(Stored data entries)
- - -

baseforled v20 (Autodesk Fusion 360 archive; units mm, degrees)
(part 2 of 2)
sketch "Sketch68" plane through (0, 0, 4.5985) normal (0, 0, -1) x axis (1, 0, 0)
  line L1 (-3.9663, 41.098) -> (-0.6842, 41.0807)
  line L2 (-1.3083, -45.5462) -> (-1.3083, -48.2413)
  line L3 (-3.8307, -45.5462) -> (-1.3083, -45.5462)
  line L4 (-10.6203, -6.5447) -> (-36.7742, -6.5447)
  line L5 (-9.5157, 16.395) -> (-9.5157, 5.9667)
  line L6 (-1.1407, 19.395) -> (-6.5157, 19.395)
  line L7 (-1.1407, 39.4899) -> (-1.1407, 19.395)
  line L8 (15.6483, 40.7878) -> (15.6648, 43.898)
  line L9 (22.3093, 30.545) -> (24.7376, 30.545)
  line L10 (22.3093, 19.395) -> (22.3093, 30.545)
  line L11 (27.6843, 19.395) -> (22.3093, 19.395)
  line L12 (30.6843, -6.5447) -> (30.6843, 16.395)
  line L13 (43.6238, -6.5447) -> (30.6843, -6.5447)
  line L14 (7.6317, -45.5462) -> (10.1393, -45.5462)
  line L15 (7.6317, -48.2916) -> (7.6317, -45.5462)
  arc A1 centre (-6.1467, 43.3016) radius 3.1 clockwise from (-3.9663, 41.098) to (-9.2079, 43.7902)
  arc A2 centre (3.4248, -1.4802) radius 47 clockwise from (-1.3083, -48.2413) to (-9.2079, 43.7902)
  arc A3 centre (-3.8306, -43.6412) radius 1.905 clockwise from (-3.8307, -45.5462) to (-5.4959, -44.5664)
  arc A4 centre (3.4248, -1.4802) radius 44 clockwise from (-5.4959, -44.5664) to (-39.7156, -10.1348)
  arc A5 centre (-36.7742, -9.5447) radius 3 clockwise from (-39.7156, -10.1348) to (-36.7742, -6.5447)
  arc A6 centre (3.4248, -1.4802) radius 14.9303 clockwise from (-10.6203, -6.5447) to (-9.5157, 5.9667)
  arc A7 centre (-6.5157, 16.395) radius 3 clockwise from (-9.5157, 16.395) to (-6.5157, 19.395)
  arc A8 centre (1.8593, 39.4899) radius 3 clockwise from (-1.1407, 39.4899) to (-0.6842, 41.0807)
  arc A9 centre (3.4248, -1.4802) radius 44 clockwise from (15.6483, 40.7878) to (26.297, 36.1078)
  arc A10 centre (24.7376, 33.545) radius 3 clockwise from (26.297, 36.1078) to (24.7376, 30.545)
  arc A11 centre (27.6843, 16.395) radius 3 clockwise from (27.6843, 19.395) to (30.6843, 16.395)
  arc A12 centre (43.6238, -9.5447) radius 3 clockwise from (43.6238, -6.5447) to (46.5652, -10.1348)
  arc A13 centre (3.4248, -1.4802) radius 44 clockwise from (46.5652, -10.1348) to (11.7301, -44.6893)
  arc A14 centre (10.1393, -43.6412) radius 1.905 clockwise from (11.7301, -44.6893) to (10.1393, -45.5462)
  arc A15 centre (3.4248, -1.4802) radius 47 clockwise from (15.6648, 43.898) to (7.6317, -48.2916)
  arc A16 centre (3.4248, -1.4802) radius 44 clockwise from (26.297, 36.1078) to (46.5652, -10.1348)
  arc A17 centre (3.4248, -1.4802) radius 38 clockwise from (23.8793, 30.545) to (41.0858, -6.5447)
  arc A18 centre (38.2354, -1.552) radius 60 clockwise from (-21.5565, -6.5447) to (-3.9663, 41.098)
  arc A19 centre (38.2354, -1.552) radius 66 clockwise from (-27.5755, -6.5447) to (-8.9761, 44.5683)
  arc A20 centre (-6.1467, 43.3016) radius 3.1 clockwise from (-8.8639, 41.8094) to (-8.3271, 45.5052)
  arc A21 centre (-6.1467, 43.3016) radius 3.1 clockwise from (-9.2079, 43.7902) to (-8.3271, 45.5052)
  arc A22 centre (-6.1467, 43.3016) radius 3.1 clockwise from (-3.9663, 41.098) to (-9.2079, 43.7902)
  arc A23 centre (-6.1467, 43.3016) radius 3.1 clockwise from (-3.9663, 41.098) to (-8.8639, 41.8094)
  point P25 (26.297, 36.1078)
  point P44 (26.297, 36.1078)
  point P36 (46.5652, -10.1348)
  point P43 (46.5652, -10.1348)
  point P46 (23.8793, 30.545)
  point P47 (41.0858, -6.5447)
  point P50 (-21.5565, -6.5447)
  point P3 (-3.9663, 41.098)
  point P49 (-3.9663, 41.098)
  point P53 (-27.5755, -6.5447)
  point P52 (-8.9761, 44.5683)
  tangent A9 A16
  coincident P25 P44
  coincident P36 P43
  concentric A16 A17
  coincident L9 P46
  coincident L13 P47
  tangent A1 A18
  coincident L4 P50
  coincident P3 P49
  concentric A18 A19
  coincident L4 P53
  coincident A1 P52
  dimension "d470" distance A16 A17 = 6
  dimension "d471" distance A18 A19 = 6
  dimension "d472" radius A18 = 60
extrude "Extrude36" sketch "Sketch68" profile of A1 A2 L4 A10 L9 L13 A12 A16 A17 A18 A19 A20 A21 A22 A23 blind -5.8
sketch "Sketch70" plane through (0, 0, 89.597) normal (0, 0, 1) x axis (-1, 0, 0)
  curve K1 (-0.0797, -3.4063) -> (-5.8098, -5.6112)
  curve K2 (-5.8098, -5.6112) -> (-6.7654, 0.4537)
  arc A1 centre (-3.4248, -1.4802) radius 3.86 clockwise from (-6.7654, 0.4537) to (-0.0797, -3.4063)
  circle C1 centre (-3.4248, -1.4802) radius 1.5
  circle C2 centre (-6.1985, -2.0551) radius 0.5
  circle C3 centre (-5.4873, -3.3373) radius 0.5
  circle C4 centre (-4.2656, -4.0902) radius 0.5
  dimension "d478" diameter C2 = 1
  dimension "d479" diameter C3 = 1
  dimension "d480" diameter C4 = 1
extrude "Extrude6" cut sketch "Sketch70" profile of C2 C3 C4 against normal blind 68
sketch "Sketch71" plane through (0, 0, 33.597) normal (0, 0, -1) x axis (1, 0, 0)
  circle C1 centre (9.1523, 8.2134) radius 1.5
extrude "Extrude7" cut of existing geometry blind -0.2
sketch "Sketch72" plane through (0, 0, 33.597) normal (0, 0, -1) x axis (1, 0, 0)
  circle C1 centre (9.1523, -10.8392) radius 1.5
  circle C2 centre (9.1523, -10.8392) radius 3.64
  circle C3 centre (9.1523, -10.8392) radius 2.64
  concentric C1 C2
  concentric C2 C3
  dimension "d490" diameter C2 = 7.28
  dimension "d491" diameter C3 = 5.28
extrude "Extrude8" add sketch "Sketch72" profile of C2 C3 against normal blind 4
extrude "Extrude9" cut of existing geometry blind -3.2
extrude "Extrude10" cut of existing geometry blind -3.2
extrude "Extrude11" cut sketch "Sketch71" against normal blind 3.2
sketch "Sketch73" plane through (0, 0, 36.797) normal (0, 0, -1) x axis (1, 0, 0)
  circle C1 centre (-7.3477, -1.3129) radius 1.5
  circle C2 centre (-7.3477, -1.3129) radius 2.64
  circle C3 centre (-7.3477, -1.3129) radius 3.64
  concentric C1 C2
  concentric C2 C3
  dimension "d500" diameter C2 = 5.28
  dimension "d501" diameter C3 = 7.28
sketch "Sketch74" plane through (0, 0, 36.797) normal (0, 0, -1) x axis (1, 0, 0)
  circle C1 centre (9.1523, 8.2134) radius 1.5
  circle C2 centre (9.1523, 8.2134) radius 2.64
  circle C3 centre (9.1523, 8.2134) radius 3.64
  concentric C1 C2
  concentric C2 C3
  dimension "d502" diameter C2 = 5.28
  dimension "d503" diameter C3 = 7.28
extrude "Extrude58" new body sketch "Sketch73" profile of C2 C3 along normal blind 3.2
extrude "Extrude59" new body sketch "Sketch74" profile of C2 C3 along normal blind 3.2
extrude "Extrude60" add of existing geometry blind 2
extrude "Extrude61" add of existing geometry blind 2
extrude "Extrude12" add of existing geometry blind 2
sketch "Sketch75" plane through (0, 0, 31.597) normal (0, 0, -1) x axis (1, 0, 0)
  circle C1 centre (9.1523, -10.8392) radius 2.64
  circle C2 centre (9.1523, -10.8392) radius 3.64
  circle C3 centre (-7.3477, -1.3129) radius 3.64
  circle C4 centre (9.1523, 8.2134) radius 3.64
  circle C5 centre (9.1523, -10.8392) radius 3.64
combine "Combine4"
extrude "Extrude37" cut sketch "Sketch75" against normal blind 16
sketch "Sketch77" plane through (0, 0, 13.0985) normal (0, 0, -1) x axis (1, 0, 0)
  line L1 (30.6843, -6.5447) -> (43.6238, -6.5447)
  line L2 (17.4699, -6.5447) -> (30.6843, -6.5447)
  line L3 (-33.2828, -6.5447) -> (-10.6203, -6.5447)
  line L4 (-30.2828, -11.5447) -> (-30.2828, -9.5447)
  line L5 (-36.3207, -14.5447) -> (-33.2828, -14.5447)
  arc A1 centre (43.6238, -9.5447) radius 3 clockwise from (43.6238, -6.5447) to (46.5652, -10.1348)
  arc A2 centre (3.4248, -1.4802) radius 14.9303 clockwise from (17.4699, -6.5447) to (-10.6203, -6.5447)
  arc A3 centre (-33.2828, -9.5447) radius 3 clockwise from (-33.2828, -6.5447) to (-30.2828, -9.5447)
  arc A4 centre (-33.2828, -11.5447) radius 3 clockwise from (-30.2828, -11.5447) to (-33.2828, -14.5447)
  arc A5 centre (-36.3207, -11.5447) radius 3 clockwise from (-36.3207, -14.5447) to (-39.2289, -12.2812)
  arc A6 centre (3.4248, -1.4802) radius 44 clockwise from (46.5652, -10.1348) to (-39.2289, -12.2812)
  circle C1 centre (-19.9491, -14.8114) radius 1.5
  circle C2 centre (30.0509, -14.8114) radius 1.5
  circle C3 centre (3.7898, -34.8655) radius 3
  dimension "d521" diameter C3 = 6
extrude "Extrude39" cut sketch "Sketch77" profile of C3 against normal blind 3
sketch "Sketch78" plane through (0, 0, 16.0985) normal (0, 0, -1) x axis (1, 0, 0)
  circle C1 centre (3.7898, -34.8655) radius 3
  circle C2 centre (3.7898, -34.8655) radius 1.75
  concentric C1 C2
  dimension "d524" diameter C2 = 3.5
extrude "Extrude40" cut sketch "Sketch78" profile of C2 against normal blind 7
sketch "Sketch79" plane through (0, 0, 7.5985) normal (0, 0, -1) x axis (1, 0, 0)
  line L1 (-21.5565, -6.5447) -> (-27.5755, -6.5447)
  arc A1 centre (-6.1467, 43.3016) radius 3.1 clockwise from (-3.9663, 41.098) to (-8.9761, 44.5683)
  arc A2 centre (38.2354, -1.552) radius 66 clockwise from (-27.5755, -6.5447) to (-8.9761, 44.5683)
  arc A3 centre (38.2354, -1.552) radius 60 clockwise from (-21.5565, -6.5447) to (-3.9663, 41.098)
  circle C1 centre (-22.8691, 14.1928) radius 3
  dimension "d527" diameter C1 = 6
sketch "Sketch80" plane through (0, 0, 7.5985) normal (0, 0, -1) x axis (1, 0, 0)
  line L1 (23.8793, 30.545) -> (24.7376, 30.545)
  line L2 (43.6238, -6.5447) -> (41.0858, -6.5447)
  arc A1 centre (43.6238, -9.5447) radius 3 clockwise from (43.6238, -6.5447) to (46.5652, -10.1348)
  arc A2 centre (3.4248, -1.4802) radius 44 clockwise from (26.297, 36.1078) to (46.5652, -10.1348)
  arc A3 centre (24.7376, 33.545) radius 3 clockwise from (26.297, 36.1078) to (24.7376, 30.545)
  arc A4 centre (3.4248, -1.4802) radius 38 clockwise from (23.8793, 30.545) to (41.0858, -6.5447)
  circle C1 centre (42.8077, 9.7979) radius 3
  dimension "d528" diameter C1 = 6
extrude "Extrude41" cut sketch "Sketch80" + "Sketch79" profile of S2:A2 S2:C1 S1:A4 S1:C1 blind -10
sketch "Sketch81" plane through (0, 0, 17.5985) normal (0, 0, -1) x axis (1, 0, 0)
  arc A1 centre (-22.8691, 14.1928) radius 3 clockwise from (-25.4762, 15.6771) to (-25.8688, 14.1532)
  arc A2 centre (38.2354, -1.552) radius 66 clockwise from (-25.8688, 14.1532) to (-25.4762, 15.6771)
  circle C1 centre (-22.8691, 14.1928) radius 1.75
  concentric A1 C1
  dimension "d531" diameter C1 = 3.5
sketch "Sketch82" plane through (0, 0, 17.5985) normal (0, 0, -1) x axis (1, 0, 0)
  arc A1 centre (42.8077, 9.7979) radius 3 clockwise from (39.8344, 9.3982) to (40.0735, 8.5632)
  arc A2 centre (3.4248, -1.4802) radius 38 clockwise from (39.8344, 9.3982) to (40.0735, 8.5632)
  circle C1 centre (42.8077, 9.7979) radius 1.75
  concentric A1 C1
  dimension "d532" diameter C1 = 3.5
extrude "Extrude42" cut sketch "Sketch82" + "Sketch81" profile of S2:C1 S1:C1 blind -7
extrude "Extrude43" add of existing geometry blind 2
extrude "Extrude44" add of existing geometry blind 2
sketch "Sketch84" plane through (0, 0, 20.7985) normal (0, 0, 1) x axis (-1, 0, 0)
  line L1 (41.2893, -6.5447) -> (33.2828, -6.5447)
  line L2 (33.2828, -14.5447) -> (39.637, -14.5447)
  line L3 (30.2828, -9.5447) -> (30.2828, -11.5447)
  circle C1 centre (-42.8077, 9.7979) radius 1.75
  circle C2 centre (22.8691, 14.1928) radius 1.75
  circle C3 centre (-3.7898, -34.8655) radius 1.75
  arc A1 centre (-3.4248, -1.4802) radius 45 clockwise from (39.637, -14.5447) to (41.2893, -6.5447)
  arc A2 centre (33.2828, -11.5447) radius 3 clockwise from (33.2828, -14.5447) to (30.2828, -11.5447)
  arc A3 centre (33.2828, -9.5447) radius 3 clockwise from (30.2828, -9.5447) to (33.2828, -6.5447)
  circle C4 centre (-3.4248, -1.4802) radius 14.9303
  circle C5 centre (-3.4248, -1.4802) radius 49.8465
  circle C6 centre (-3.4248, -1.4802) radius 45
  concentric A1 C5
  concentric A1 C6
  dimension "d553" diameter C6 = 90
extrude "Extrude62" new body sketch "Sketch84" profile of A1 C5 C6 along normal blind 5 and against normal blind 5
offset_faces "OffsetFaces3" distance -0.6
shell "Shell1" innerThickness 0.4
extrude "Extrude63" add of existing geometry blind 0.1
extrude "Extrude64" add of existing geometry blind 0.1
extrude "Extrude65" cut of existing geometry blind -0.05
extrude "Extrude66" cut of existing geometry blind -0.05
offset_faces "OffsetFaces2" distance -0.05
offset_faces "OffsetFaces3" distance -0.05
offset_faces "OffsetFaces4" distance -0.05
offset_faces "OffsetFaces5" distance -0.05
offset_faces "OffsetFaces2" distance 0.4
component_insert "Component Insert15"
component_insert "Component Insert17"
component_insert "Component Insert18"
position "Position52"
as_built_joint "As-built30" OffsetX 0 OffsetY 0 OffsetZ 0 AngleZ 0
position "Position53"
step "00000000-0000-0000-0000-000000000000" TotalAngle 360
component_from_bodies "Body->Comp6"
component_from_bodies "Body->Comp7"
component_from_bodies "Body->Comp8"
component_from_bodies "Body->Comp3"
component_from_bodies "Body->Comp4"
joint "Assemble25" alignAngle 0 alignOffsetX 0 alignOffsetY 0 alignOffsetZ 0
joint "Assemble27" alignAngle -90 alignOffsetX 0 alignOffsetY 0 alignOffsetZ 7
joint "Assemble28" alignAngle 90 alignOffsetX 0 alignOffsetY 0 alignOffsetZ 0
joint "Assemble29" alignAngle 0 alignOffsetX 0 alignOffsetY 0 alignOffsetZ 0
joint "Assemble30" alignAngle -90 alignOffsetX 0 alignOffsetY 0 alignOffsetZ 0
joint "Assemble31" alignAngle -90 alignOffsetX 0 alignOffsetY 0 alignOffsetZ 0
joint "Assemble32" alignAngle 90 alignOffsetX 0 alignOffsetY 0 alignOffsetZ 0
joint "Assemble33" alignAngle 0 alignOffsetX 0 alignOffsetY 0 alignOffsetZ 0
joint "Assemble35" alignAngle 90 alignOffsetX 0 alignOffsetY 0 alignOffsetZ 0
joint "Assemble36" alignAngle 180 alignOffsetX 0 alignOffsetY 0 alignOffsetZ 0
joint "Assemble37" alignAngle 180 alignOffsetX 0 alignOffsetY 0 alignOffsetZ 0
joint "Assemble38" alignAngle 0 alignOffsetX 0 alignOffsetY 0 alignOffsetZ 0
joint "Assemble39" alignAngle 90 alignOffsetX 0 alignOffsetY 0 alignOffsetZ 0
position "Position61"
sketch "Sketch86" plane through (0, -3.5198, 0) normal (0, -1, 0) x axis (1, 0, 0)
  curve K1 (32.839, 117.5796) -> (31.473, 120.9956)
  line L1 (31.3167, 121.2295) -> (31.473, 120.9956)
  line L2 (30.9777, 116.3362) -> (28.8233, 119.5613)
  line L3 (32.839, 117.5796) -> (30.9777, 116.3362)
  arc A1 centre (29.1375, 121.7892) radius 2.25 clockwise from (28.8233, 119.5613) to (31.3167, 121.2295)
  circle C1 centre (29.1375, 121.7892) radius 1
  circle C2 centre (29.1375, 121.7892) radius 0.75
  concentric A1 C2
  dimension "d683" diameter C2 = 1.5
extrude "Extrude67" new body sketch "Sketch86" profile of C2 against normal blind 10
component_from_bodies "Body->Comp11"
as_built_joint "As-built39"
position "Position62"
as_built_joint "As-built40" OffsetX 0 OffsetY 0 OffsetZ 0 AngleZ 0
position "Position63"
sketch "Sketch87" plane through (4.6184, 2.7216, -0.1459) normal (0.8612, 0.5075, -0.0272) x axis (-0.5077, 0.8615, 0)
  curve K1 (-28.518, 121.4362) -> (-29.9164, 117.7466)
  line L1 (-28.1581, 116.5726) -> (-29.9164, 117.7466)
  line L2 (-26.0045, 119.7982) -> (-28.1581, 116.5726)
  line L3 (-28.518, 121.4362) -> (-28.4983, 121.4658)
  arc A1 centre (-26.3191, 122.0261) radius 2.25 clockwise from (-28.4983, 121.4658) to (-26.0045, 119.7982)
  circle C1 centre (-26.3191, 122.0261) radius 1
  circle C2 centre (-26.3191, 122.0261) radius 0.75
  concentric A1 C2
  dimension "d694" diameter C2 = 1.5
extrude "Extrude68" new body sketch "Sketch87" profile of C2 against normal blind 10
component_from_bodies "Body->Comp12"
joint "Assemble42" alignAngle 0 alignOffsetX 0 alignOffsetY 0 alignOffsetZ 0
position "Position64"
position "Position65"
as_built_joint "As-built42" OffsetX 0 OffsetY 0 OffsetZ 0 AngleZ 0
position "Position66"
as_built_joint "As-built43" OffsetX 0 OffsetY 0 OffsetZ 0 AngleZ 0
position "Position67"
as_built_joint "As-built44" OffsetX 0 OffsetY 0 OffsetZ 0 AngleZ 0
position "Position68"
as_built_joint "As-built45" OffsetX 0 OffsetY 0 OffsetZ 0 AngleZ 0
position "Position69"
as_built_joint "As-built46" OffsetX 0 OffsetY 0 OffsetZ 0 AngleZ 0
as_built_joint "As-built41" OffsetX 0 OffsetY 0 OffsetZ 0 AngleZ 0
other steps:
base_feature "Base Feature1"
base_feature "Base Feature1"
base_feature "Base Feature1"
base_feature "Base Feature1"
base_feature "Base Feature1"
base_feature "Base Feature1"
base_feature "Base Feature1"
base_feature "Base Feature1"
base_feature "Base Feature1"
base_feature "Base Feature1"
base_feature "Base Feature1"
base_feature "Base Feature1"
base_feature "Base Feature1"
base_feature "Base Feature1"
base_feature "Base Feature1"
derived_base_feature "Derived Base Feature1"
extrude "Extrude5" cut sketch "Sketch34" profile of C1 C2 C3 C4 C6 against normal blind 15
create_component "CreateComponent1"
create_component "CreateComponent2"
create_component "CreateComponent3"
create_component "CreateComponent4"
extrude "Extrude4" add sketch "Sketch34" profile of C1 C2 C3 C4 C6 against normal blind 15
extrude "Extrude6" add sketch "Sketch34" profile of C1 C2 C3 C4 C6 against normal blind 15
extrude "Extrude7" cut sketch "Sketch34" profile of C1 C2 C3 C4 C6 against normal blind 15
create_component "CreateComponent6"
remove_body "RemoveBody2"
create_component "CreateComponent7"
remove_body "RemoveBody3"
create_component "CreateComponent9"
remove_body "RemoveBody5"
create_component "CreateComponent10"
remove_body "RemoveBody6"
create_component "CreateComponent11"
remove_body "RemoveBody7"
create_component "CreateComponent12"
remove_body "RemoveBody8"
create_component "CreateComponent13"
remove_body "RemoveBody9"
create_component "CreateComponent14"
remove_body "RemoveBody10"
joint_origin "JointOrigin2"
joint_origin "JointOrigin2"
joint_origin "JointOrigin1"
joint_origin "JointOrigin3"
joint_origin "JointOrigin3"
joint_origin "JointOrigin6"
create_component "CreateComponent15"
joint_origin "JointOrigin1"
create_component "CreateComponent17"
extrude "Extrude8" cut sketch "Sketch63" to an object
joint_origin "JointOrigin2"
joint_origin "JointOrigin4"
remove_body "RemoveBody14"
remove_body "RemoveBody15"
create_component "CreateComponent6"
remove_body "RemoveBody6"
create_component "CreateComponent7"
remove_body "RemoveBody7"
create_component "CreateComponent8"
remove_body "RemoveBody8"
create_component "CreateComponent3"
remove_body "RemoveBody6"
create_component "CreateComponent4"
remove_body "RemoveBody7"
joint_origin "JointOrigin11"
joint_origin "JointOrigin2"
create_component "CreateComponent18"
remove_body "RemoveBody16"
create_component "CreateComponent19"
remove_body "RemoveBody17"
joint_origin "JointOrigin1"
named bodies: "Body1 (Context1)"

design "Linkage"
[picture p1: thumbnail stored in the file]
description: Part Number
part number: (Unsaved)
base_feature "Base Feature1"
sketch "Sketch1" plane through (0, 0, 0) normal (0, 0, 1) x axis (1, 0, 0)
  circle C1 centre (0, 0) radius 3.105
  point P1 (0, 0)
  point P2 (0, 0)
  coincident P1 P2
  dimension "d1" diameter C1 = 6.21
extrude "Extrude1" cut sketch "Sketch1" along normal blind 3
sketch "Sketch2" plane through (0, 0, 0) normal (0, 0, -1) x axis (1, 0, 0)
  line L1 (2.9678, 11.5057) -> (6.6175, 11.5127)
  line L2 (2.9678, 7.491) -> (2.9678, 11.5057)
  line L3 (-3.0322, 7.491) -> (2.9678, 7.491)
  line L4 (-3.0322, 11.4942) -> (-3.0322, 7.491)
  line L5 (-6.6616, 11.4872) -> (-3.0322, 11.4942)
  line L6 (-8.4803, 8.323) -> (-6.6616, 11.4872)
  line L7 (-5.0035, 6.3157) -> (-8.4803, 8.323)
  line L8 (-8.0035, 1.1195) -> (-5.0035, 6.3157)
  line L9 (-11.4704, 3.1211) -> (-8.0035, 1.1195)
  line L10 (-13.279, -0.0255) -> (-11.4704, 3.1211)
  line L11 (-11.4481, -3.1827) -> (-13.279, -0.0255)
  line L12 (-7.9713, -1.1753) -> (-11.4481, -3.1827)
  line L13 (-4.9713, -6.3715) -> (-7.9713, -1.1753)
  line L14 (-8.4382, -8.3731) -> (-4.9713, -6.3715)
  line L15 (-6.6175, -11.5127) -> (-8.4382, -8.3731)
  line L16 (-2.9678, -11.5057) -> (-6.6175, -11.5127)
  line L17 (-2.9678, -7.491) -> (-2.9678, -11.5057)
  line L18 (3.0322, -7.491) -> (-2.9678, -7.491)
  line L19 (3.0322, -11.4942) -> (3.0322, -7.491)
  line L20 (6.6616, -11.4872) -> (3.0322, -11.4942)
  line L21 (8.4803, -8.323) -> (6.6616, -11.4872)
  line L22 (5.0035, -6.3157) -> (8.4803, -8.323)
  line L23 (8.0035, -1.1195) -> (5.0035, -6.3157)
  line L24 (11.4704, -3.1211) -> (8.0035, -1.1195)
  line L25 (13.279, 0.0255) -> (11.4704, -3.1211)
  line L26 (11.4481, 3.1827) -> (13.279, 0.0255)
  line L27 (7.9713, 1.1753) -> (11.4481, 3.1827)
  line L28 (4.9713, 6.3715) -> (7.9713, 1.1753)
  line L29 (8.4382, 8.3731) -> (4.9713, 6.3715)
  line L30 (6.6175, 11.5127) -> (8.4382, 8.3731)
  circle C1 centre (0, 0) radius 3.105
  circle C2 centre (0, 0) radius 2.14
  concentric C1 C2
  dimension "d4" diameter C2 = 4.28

- - -

### TASK GOAL
Look above for the line containing "line L3 (-3.0322, 7.491) -> (2.9678, 7.491)" and the line containing "line L12 (-7.9713, -1.1753)". Transcribe both, with the lines between them, exactly.

### RESULT OF THIS EXERCISE
  line L3 (-3.0322, 7.491) -> (2.9678, 7.491)
  line L4 (-3.0322, 11.4942) -> (-3.0322, 7.491)
  line L5 (-6.6616, 11.4872) -> (-3.0322, 11.4942)
  line L6 (-8.4803, 8.323) -> (-6.6616, 11.4872)
  line L7 (-5.0035, 6.3157) -> (-8.4803, 8.323)
  line L8 (-8.0035, 1.1195) -> (-5.0035, 6.3157)
  line L9 (-11.4704, 3.1211) -> (-8.0035, 1.1195)
  line L10 (-13.279, -0.0255) -> (-11.4704, 3.1211)
  line L11 (-11.4481, -3.1827) -> (-13.279, -0.0255)
  line L12 (-7.9713, -1.1753) -> (-11.4481, -3.1827)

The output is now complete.